>>>>>

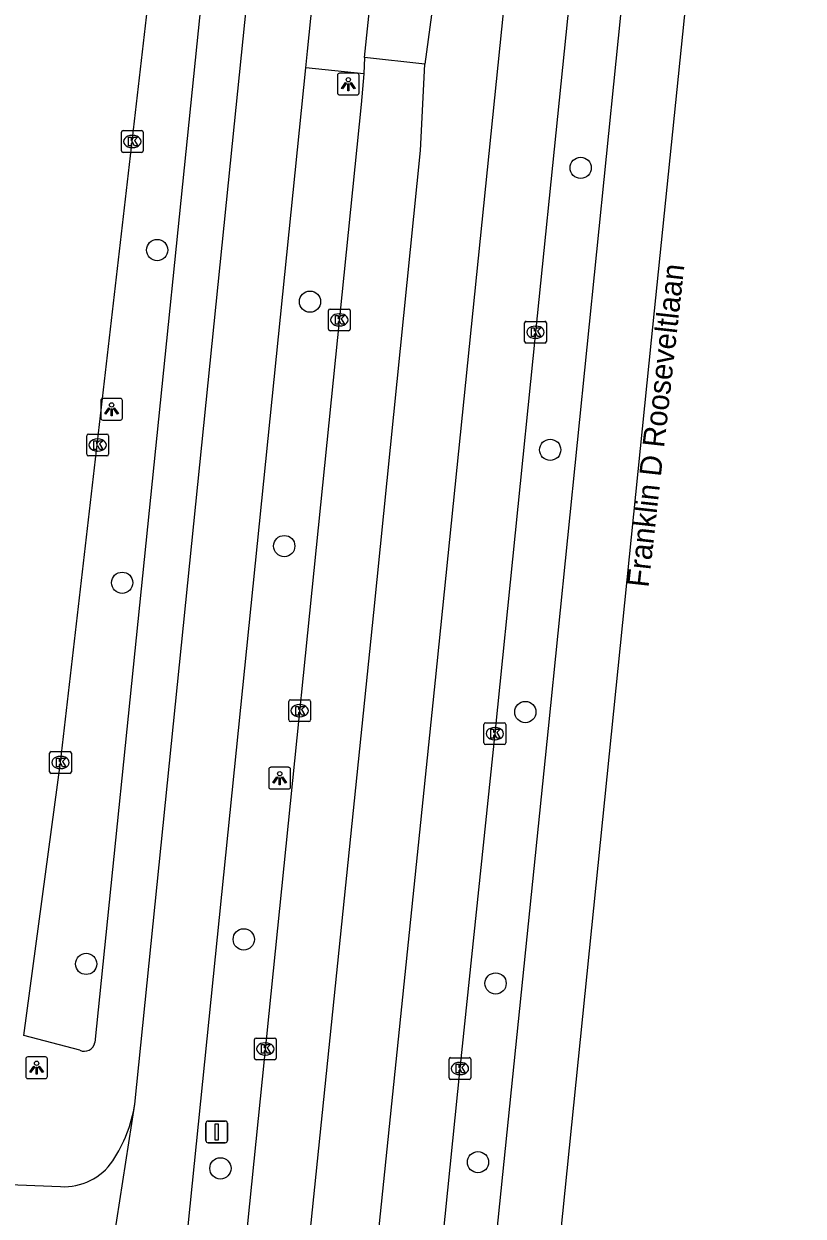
# Model space of a CAD drawing. Extents: x 160891 to 161384, y 386490 to 386907.
# Drawn here: x 161334.9 to 161370.7, y 386584.8 to 386639.6 of the extents above; entities that cross this region are included whole.
import ezdxf

# ---------------------------------------------------------------- set-up
doc = ezdxf.new("R2010")
doc.units = 0
for name, color, linetype in [('IMGEO_Boom', 7, 'Continuous'), ('IMGEO_Fietspad_gesloten', 7, 'Continuous'), ('IMGEO_Kolk', 7, 'Continuous'), ('IMGEO_Lichtpunt', 7, 'Continuous'), ('IMGEO_Openbare_ruimte_label', 7, 'Continuous'), ('IMGEO_Rijbaan_lokaal_gesloten', 7, 'Continuous'), ('IMGEO_Rijbaan_lokaal_open', 7, 'Continuous'), ('IMGEO_Verkeersbordpaal', 7, 'Continuous'), ('IMGEO_Voetpad_open', 7, 'Continuous')]:
    doc.layers.add(name, color=color, linetype=linetype)

msp = doc.modelspace()

# ---------------------------------------------------------------- linework, layer by layer
at = {"layer": 'IMGEO_Boom'}
for centre in [(161360.496, 386632.993), (161341.033, 386629.213), (161348.056, 386626.84), (161359.096, 386620.026), (161346.872, 386615.599), (161339.424, 386613.914), (161357.954, 386607.968), (161345.014, 386597.514), (161337.77, 386596.388), (161356.586, 386595.488), (161343.941, 386586.985), (161355.778, 386587.271)]:
    msp.add_circle(centre, 0.489, dxfattribs=at)
at = {"layer": 'IMGEO_Fietspad_gesloten'}
for points in [[(161340.003, 386589.938), (161344.586, 386635.023), (161348.773, 386676.071), (161350.75, 386695.389)], [(161336.452, 386525.646), (161336.548, 386526.649), (161337.443, 386534.03), (161338.136, 386542.124), (161339.032, 386551.069), (161341.141, 386571.584), (161342.161, 386581.483), (161347.861, 386637.589)], [(161338.485, 386580.159), (161340.003, 386589.938)], [(161314.741, 386587.177), (161314.693, 386587.03), (161314.685, 386587.006), (161336.596, 386586.148)]]:
    msp.add_lwpolyline(points, dxfattribs=at)
for centre, radius, start, end in [((161333.422, 386590.984), 6.663, 326.7857, 350.9683), ((161336.756, 386588.847), 2.704, 266.6, 325.9751)]:
    msp.add_arc(centre, radius, start, end, dxfattribs=at)
at = {"layer": 'IMGEO_Kolk'}
for p, q in [((161339.392, 386633.778), (161339.392, 386634.63)), ((161339.467, 386634.704), (161340.319, 386634.704)), ((161340.393, 386634.63), (161340.393, 386633.778)), ((161339.88, 386634.484), (161339.905, 386634.484)), ((161340.319, 386633.704), (161339.467, 386633.704)), ((161339.903, 386633.924), (161339.878, 386633.924)), ((161348.903, 386625.576), (161348.903, 386626.428)), ((161348.978, 386626.502), (161349.83, 386626.502)), ((161349.391, 386626.282), (161349.416, 386626.282)), ((161349.904, 386626.428), (161349.904, 386625.576)), ((161349.414, 386625.722), (161349.389, 386625.722)), ((161357.922, 386625.009), (161357.922, 386625.861)), ((161357.997, 386625.935), (161358.849, 386625.935)), ((161358.923, 386625.861), (161358.923, 386625.009)), ((161349.83, 386625.502), (161348.978, 386625.502)), ((161358.41, 386625.715), (161358.435, 386625.715)), ((161358.849, 386624.935), (161357.997, 386624.935)), ((161358.433, 386625.155), (161358.408, 386625.155)), ((161337.798, 386619.821), (161337.798, 386620.673)), ((161337.873, 386620.747), (161338.725, 386620.747)), ((161338.286, 386620.527), (161338.311, 386620.527)), ((161338.799, 386620.673), (161338.799, 386619.821)), ((161338.725, 386619.747), (161337.873, 386619.747)), ((161338.309, 386619.967), (161338.284, 386619.967)), ((161347.081, 386607.605), (161347.081, 386608.457)), ((161347.156, 386608.531), (161348.008, 386608.531)), ((161347.569, 386608.311), (161347.594, 386608.311)), ((161348.082, 386608.457), (161348.082, 386607.605)), ((161347.592, 386607.751), (161347.567, 386607.751)), ((161348.008, 386607.531), (161347.156, 386607.531)), ((161356.052, 386606.549), (161356.052, 386607.401)), ((161356.127, 386607.475), (161356.979, 386607.475)), ((161356.54, 386607.255), (161356.565, 386607.255)), ((161357.053, 386607.401), (161357.053, 386606.549)), ((161356.563, 386606.695), (161356.538, 386606.695)), ((161336.091, 386605.222), (161336.091, 386606.074)), ((161336.166, 386606.148), (161337.018, 386606.148)), ((161337.092, 386606.074), (161337.092, 386605.222)), ((161356.979, 386606.475), (161356.127, 386606.475)), ((161336.579, 386605.928), (161336.604, 386605.928)), ((161337.018, 386605.148), (161336.166, 386605.148)), ((161336.602, 386605.368), (161336.577, 386605.368)), ((161345.504, 386592.052), (161345.504, 386592.904)), ((161345.579, 386592.978), (161346.431, 386592.978)), ((161346.505, 386592.904), (161346.505, 386592.052)), ((161345.992, 386592.758), (161346.017, 386592.758)), ((161346.431, 386591.978), (161345.579, 386591.978)), ((161346.015, 386592.198), (161345.99, 386592.198)), ((161354.447, 386591.15), (161354.447, 386592.002)), ((161354.522, 386592.076), (161355.374, 386592.076)), ((161354.935, 386591.856), (161354.96, 386591.856)), ((161355.448, 386592.002), (161355.448, 386591.15)), ((161354.958, 386591.296), (161354.933, 386591.296)), ((161355.374, 386591.076), (161354.522, 386591.076))]:
    msp.add_line(p, q, dxfattribs=at)
for points in [[(161339.392, 386633.778), (161339.392, 386634.63)], [(161339.467, 386634.704), (161340.319, 386634.704)], [(161340.393, 386634.63), (161340.393, 386633.778)], [(161339.713, 386634.404), (161339.836, 386634.404), (161339.836, 386634.253), (161339.966, 386634.404), (161340.13, 386634.404), (161339.984, 386634.253), (161340.137, 386634.004), (161339.985, 386634.004), (161339.9, 386634.168), (161339.836, 386634.101), (161339.836, 386634.004), (161339.713, 386634.004), (161339.713, 386634.404)], [(161340.319, 386633.704), (161339.467, 386633.704)], [(161348.903, 386625.576), (161348.903, 386626.428)], [(161348.978, 386626.502), (161349.83, 386626.502)], [(161349.904, 386626.428), (161349.904, 386625.576)], [(161349.224, 386626.202), (161349.347, 386626.202), (161349.347, 386626.051), (161349.477, 386626.202), (161349.641, 386626.202), (161349.495, 386626.051), (161349.648, 386625.802), (161349.496, 386625.802), (161349.411, 386625.966), (161349.347, 386625.899), (161349.347, 386625.802), (161349.224, 386625.802), (161349.224, 386626.202)], [(161357.922, 386625.009), (161357.922, 386625.861)], [(161357.997, 386625.935), (161358.849, 386625.935)], [(161358.923, 386625.861), (161358.923, 386625.009)], [(161349.83, 386625.502), (161348.978, 386625.502)], [(161358.243, 386625.635), (161358.366, 386625.635), (161358.366, 386625.484), (161358.496, 386625.635), (161358.66, 386625.635), (161358.514, 386625.484), (161358.667, 386625.235), (161358.515, 386625.235), (161358.43, 386625.399), (161358.366, 386625.332), (161358.366, 386625.235), (161358.243, 386625.235), (161358.243, 386625.635)], [(161358.849, 386624.935), (161357.997, 386624.935)], [(161337.798, 386619.821), (161337.798, 386620.673)], [(161337.873, 386620.747), (161338.725, 386620.747)], [(161338.119, 386620.447), (161338.242, 386620.447), (161338.242, 386620.296), (161338.372, 386620.447), (161338.536, 386620.447), (161338.39, 386620.296), (161338.543, 386620.047), (161338.391, 386620.047), (161338.306, 386620.211), (161338.242, 386620.144), (161338.242, 386620.047), (161338.119, 386620.047), (161338.119, 386620.447)], [(161338.799, 386620.673), (161338.799, 386619.821)], [(161338.725, 386619.747), (161337.873, 386619.747)], [(161347.081, 386607.605), (161347.081, 386608.457)], [(161347.156, 386608.531), (161348.008, 386608.531)], [(161347.402, 386608.231), (161347.525, 386608.231), (161347.525, 386608.08), (161347.655, 386608.231), (161347.819, 386608.231), (161347.673, 386608.08), (161347.826, 386607.831), (161347.674, 386607.831), (161347.589, 386607.995), (161347.525, 386607.928), (161347.525, 386607.831), (161347.402, 386607.831), (161347.402, 386608.231)], [(161348.082, 386608.457), (161348.082, 386607.605)], [(161348.008, 386607.531), (161347.156, 386607.531)], [(161356.052, 386606.549), (161356.052, 386607.401)], [(161356.127, 386607.475), (161356.979, 386607.475)], [(161356.373, 386607.175), (161356.496, 386607.175), (161356.496, 386607.024), (161356.626, 386607.175), (161356.79, 386607.175), (161356.644, 386607.024), (161356.797, 386606.775), (161356.645, 386606.775), (161356.56, 386606.939), (161356.496, 386606.872), (161356.496, 386606.775), (161356.373, 386606.775), (161356.373, 386607.175)], [(161357.053, 386607.401), (161357.053, 386606.549)], [(161336.091, 386605.222), (161336.091, 386606.074)], [(161336.166, 386606.148), (161337.018, 386606.148)], [(161337.092, 386606.074), (161337.092, 386605.222)], [(161356.979, 386606.475), (161356.127, 386606.475)], [(161336.412, 386605.848), (161336.535, 386605.848), (161336.535, 386605.697), (161336.665, 386605.848), (161336.829, 386605.848), (161336.683, 386605.697), (161336.836, 386605.448), (161336.684, 386605.448), (161336.599, 386605.612), (161336.535, 386605.545), (161336.535, 386605.448), (161336.412, 386605.448), (161336.412, 386605.848)], [(161337.018, 386605.148), (161336.166, 386605.148)], [(161345.504, 386592.052), (161345.504, 386592.904)], [(161345.579, 386592.978), (161346.431, 386592.978)], [(161346.505, 386592.904), (161346.505, 386592.052)], [(161345.825, 386592.678), (161345.948, 386592.678), (161345.948, 386592.527), (161346.078, 386592.678), (161346.242, 386592.678), (161346.096, 386592.527), (161346.249, 386592.278), (161346.097, 386592.278), (161346.012, 386592.442), (161345.948, 386592.375), (161345.948, 386592.278), (161345.825, 386592.278), (161345.825, 386592.678)], [(161346.431, 386591.978), (161345.579, 386591.978)], [(161354.447, 386591.15), (161354.447, 386592.002)], [(161354.522, 386592.076), (161355.374, 386592.076)], [(161354.768, 386591.776), (161354.891, 386591.776), (161354.891, 386591.625), (161355.021, 386591.776), (161355.185, 386591.776), (161355.039, 386591.625), (161355.192, 386591.376), (161355.04, 386591.376), (161354.955, 386591.54), (161354.891, 386591.473), (161354.891, 386591.376), (161354.768, 386591.376), (161354.768, 386591.776)], [(161355.448, 386592.002), (161355.448, 386591.15)], [(161355.374, 386591.076), (161354.522, 386591.076)]]:
    msp.add_lwpolyline(points, dxfattribs=at)
for centre, start, end in [((161339.469, 386634.628), 91.552, 178.448), ((161339.469, 386634.628), 91.552, 178.448), ((161340.317, 386634.628), 1.552, 88.448), ((161340.317, 386634.628), 1.552, 88.448), ((161339.469, 386633.78), 181.552, 268.448), ((161339.469, 386633.78), 181.552, 268.448), ((161340.317, 386633.78), 271.552, 358.448), ((161340.317, 386633.78), 271.552, 358.448), ((161348.98, 386626.426), 91.552, 178.448), ((161348.98, 386626.426), 91.552, 178.448), ((161349.828, 386626.426), 1.552, 88.448), ((161349.828, 386626.426), 1.552, 88.448), ((161357.999, 386625.859), 91.552, 178.448), ((161357.999, 386625.859), 91.552, 178.448), ((161358.847, 386625.859), 1.552, 88.448), ((161358.847, 386625.859), 1.552, 88.448), ((161348.98, 386625.578), 181.552, 268.448), ((161348.98, 386625.578), 181.552, 268.448), ((161349.828, 386625.578), 271.552, 358.448), ((161349.828, 386625.578), 271.552, 358.448), ((161357.999, 386625.011), 181.552, 268.448), ((161357.999, 386625.011), 181.552, 268.448), ((161358.847, 386625.011), 271.552, 358.448), ((161358.847, 386625.011), 271.552, 358.448), ((161337.875, 386620.671), 91.552, 178.448), ((161337.875, 386620.671), 91.552, 178.448), ((161338.723, 386620.671), 1.552, 88.448), ((161338.723, 386620.671), 1.552, 88.448), ((161337.875, 386619.823), 181.552, 268.448), ((161337.875, 386619.823), 181.552, 268.448), ((161338.723, 386619.823), 271.552, 358.448), ((161338.723, 386619.823), 271.552, 358.448), ((161347.158, 386608.455), 91.552, 178.448), ((161347.158, 386608.455), 91.552, 178.448), ((161348.006, 386608.455), 1.552, 88.448), ((161348.006, 386608.455), 1.552, 88.448), ((161347.158, 386607.607), 181.552, 268.448), ((161347.158, 386607.607), 181.552, 268.448), ((161348.006, 386607.607), 271.552, 358.448), ((161348.006, 386607.607), 271.552, 358.448), ((161356.129, 386607.399), 91.552, 178.448), ((161356.129, 386607.399), 91.552, 178.448), ((161356.977, 386607.399), 1.552, 88.448), ((161356.977, 386607.399), 1.552, 88.448), ((161356.129, 386606.551), 181.552, 268.448), ((161356.129, 386606.551), 181.552, 268.448), ((161356.977, 386606.551), 271.552, 358.448), ((161356.977, 386606.551), 271.552, 358.448), ((161336.168, 386606.072), 91.552, 178.448), ((161336.168, 386606.072), 91.552, 178.448), ((161337.016, 386606.072), 1.552, 88.448), ((161337.016, 386606.072), 1.552, 88.448), ((161336.168, 386605.224), 181.552, 268.448), ((161336.168, 386605.224), 181.552, 268.448), ((161337.016, 386605.224), 271.552, 358.448), ((161337.016, 386605.224), 271.552, 358.448), ((161345.581, 386592.902), 91.552, 178.448), ((161345.581, 386592.902), 91.552, 178.448), ((161346.429, 386592.902), 1.552, 88.448), ((161346.429, 386592.902), 1.552, 88.448), ((161345.581, 386592.054), 181.552, 268.448), ((161345.581, 386592.054), 181.552, 268.448), ((161346.429, 386592.054), 271.552, 358.448), ((161346.429, 386592.054), 271.552, 358.448), ((161354.524, 386592), 91.552, 178.448), ((161354.524, 386592), 91.552, 178.448), ((161355.372, 386592), 1.552, 88.448), ((161355.372, 386592), 1.552, 88.448), ((161354.524, 386591.152), 181.552, 268.448), ((161354.524, 386591.152), 181.552, 268.448), ((161355.372, 386591.152), 271.552, 358.448), ((161355.372, 386591.152), 271.552, 358.448)]:
    msp.add_arc(centre, 0.0765, start, end, dxfattribs=at)
for centre, major_axis, ratio, start_param, end_param in [((161339.879, 386634.204), (-0.387, 0.002), 0.722429, 4.712389, 7.853982), ((161339.904, 386634.204), (-0.39, 0.002), 0.717154, 1.570796, 4.712389), ((161349.39, 386626.002), (-0.387, 0.002), 0.722429, 4.712389, 7.853982), ((161349.415, 386626.002), (-0.39, 0.002), 0.717154, 1.570796, 4.712389), ((161358.409, 386625.435), (-0.387, 0.002), 0.722429, 4.712389, 7.853982), ((161358.434, 386625.435), (-0.39, 0.002), 0.717154, 1.570796, 4.712389), ((161338.285, 386620.247), (-0.387, 0.002), 0.722429, 4.712389, 7.853982), ((161338.31, 386620.247), (-0.39, 0.002), 0.717154, 1.570796, 4.712389), ((161347.568, 386608.031), (-0.387, 0.002), 0.722429, 4.712389, 7.853982), ((161347.593, 386608.031), (-0.39, 0.002), 0.717154, 1.570796, 4.712389), ((161356.539, 386606.975), (-0.387, 0.002), 0.722429, 4.712389, 7.853982), ((161356.564, 386606.975), (-0.39, 0.002), 0.717154, 1.570796, 4.712389), ((161336.578, 386605.648), (-0.387, 0.002), 0.722429, 4.712389, 7.853982), ((161336.603, 386605.648), (-0.39, 0.002), 0.717154, 1.570796, 4.712389), ((161345.991, 386592.478), (-0.387, 0.002), 0.722429, 4.712389, 7.853982), ((161346.016, 386592.478), (-0.39, 0.002), 0.717154, 1.570796, 4.712389), ((161354.934, 386591.576), (-0.387, 0.002), 0.722429, 4.712389, 7.853982), ((161354.959, 386591.576), (-0.39, 0.002), 0.717154, 1.570796, 4.712389)]:
    msp.add_ellipse(centre, major_axis=major_axis, ratio=ratio, start_param=start_param, end_param=end_param, dxfattribs=at)
at = {"layer": 'IMGEO_Lichtpunt'}
for p, q in [((161349.32, 386637.248), (161349.32, 386636.441)), ((161349.32, 386637.248), (161349.32, 386636.441)), ((161350.222, 386637.343), (161349.414, 386637.343)), ((161350.222, 386637.343), (161349.414, 386637.343)), ((161350.316, 386636.441), (161350.316, 386637.248)), ((161350.316, 386636.441), (161350.316, 386637.248)), ((161349.414, 386636.347), (161350.222, 386636.347)), ((161349.414, 386636.347), (161350.222, 386636.347)), ((161338.44, 386622.295), (161338.44, 386621.488)), ((161338.44, 386622.295), (161338.44, 386621.488)), ((161339.342, 386622.39), (161338.534, 386622.39)), ((161339.342, 386622.39), (161338.534, 386622.39)), ((161339.436, 386621.488), (161339.436, 386622.295)), ((161339.436, 386621.488), (161339.436, 386622.295)), ((161338.534, 386621.394), (161339.342, 386621.394)), ((161338.534, 386621.394), (161339.342, 386621.394)), ((161346.165, 386605.332), (161346.165, 386604.525)), ((161346.165, 386605.332), (161346.165, 386604.525)), ((161347.067, 386605.427), (161346.259, 386605.427)), ((161347.067, 386605.427), (161346.259, 386605.427)), ((161347.161, 386604.525), (161347.161, 386605.332)), ((161347.161, 386604.525), (161347.161, 386605.332)), ((161346.259, 386604.431), (161347.067, 386604.431)), ((161346.259, 386604.431), (161347.067, 386604.431)), ((161334.993, 386592.019), (161334.993, 386591.212)), ((161334.993, 386592.019), (161334.993, 386591.212)), ((161335.895, 386592.114), (161335.087, 386592.114)), ((161335.895, 386592.114), (161335.087, 386592.114)), ((161335.989, 386591.212), (161335.989, 386592.019)), ((161335.989, 386591.212), (161335.989, 386592.019)), ((161335.087, 386591.118), (161335.895, 386591.118)), ((161335.087, 386591.118), (161335.895, 386591.118))]:
    msp.add_line(p, q, dxfattribs=at)
for points in [[(161349.694, 386636.912), (161349.733, 386636.884), (161349.545, 386636.622), (161349.507, 386636.649), (161349.694, 386636.912)], [(161349.796, 386636.864), (161349.843, 386636.864), (161349.843, 386636.542), (161349.796, 386636.542), (161349.796, 386636.864)], [(161349.906, 386636.884), (161349.944, 386636.911), (161350.131, 386636.649), (161350.092, 386636.621), (161349.906, 386636.884)], [(161338.814, 386621.959), (161338.853, 386621.931), (161338.665, 386621.669), (161338.627, 386621.696), (161338.814, 386621.959)], [(161338.916, 386621.911), (161338.963, 386621.911), (161338.963, 386621.589), (161338.916, 386621.589), (161338.916, 386621.911)], [(161339.026, 386621.931), (161339.064, 386621.958), (161339.251, 386621.696), (161339.212, 386621.668), (161339.026, 386621.931)], [(161346.539, 386604.996), (161346.578, 386604.968), (161346.39, 386604.706), (161346.352, 386604.733), (161346.539, 386604.996)], [(161346.641, 386604.948), (161346.688, 386604.948), (161346.688, 386604.626), (161346.641, 386604.626), (161346.641, 386604.948)], [(161346.751, 386604.968), (161346.789, 386604.995), (161346.976, 386604.733), (161346.937, 386604.705), (161346.751, 386604.968)], [(161335.367, 386591.683), (161335.406, 386591.655), (161335.218, 386591.393), (161335.18, 386591.42), (161335.367, 386591.683)], [(161335.469, 386591.635), (161335.516, 386591.635), (161335.516, 386591.313), (161335.469, 386591.313), (161335.469, 386591.635)], [(161335.579, 386591.655), (161335.617, 386591.682), (161335.804, 386591.42), (161335.765, 386591.392), (161335.579, 386591.655)]]:
    msp.add_lwpolyline(points, dxfattribs=at)
for centre in [(161349.819, 386637.046), (161338.939, 386622.093), (161346.664, 386605.13), (161335.492, 386591.817)]:
    msp.add_circle(centre, 0.0994, dxfattribs=at)
for centre, start, end in [((161349.414, 386637.248), 90, 180), ((161349.414, 386637.248), 90, 180), ((161350.222, 386637.248), 0, 90), ((161350.222, 386637.248), 0, 90), ((161349.414, 386636.441), 180, 270), ((161349.414, 386636.441), 180, 270), ((161350.222, 386636.441), 270, 0), ((161350.222, 386636.441), 270, 360), ((161338.534, 386622.295), 90, 180), ((161338.534, 386622.295), 90, 180), ((161339.342, 386622.295), 0, 90), ((161339.342, 386622.295), 0, 90), ((161338.534, 386621.488), 180, 270), ((161338.534, 386621.488), 180, 270), ((161339.342, 386621.488), 270, 0), ((161339.342, 386621.488), 270, 360), ((161346.259, 386605.332), 90, 180), ((161346.259, 386605.332), 90, 180), ((161347.067, 386605.332), 0, 90), ((161347.067, 386605.332), 0, 90), ((161346.259, 386604.525), 180, 270), ((161346.259, 386604.525), 180, 270), ((161347.067, 386604.525), 270, 0), ((161347.067, 386604.525), 270, 360), ((161335.087, 386592.019), 90, 180), ((161335.087, 386592.019), 90, 180), ((161335.895, 386592.019), 0, 90), ((161335.895, 386592.019), 0, 90), ((161335.087, 386591.212), 180, 270), ((161335.087, 386591.212), 180, 270), ((161335.895, 386591.212), 270, 0), ((161335.895, 386591.212), 270, 360)]:
    msp.add_arc(centre, 0.0946, start, end, dxfattribs=at)
at = {"layer": 'IMGEO_Rijbaan_lokaal_gesloten'}
for points in [[(161350.321, 386526.461), (161352.302, 386541.627), (161357.382, 386591.194), (161359.018, 386607.209), (161363.024, 386646.681), (161367.022, 386685.397), (161367.598, 386691.178), (161367.683, 386693.586)], [(161370.722, 386693.301), (161368.799, 386674.486), (161363.732, 386625.065), (161353.345, 386522.715)], [(161344.957, 386522.245), (161345.695, 386529.16), (161349.223, 386564.812), (161353.824, 386609.435), (161360.75, 386677.447), (161361.036, 386681.278)], [(161364.125, 386681.052), (161362.491, 386665.206), (161360.59, 386646.794), (161358.423, 386625.435), (161356.553, 386606.975), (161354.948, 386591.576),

<<<<<

Repeat the lines above, starting at the first and stopping after the line that holds "doc.units = 0", with the pictures left out.

# Model space of a CAD drawing. Extents: x 160891 to 161384, y 386490 to 386907.
# Drawn here: x 161334.9 to 161370.7, y 386584.8 to 386639.6 of the extents above; entities that cross this region are included whole.
import ezdxf

# ---------------------------------------------------------------- set-up
doc = ezdxf.new("R2010")
doc.units = 0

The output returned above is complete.